American pin-up model, singer, and actress (1934–2019)

Meg Myles (born Billie Jean Jones; November 14, 1934 – November 12, 2019) was an American pin-up model, singer, and actress on stage and screen, active mostly in the 1950s and 1960s.

==Biography==
Myles was born in Seattle. She was a popular model in men's magazines, having purported measurements of 42-24-36. Her best known major film role is as the lead in Satan in High Heels. Meg had a short but important role in the film noir The Phenix City Story (1955). She also had a featured role in the musical film Calypso Heat Wave. She had an uncredited role as the singer at the talent agency in the theatrical release of Dragnet opposite Jack Webb. Her last film role was in Delinquent (1995).

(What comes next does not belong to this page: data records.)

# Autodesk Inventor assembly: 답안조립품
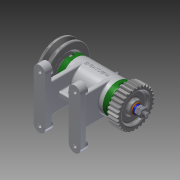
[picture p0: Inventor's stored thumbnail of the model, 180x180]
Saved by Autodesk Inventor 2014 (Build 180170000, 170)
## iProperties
Created: 2015-11
Part Number: 답안조립품
Document SubType Name: Assembly
Designer: test_26
Author: test_26
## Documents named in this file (16)
- C:\Users\test_26\Desktop\김효섭\답안조립품.iam
- C:\Users\test_26\Desktop\김효섭\1-본체.ipt
- C:\Users\test_26\Desktop\김효섭\451109V1040\V벨트풀리.ipt
- C:\Users\test_26\Desktop\김효섭\451109V1040\너트 M 8.ipt
- C:\Users\test_26\Desktop\김효섭\451109V1040\니플 M 6 x 0.75.ipt
- C:\Users\test_26\Desktop\김효섭\451109V1040\베어링 15 x 32 x 9.ipt
- C:\Users\test_26\Desktop\김효섭\451109V1040\볼트 M 6 x 8.ipt
- C:\Users\test_26\Desktop\김효섭\451109V1040\볼트 M4 x 12.ipt
- C:\Users\test_26\Desktop\김효섭\451109V1040\스퍼기어.ipt
- C:\Users\test_26\Desktop\김효섭\451109V1040\스프링와셔 8.ipt
- C:\Users\test_26\Desktop\김효섭\451109V1040\오일 실 15 25 7.ipt
- C:\Users\test_26\Desktop\김효섭\451109V1040\와셔 6x11.5.ipt
- C:\Users\test_26\Desktop\김효섭\451109V1040\와셔 8x17.ipt
- C:\Users\test_26\Desktop\김효섭\451109V1040\축.ipt
- C:\Users\test_26\Desktop\김효섭\451109V1040\커버.ipt
- C:\Users\test_26\Desktop\김효섭\451109V1040\키 3 x 3 x 12.ipt
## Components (12 placed, 4 different names)
1. 1-본체:1
2. V벨트풀리:1
3. KS B 2023 6002 - 15 x 32 x 9:1
4. KS B 2023 6002 - 15 x 32 x 9:2
5. ISO 4762 M4 x 12:2
6. ISO 4762 M4 x 12:3
7. ISO 4762 M4 x 12:4
8. ISO 4762 M4 x 12:5
9. ISO 4762 M4 x 12:6
10. ISO 4762 M4 x 12:7
11. ISO 4762 M4 x 12:8
12. ISO 4762 M4 x 12:9

In 1966, she played possessive mother Harriett Wilson on the daytime soap opera The Doctors, and in 1970 appeared on another soap, Where the Heart Is. In the 1980s she was regular on the daytime television mystery serial The Edge of Night as restaurant owner Sid Brennan, and had a year-long role on All My Children as Joanna Yeager, Stuart Chandler's secret wife.

After a year on Search For Tomorrow as the kindly Maevis Stone (mother of heroine Evie Stone), she returned to All My Children for a stint as Joanna, coming back to Pine Valley in the spring of 1987 to try to extort money from Adam Chandler and hold Erica Kane hostage.

Later in life, she lived on the Upper West Side of Manhattan, where the Wall Street Journal reported that she tended to wounded animals, especially birds.

According to IMDb, Myles died at the age of 84 on November 12, 2019, and was featured on the Tony Awards' "In Memoriam 2020" list.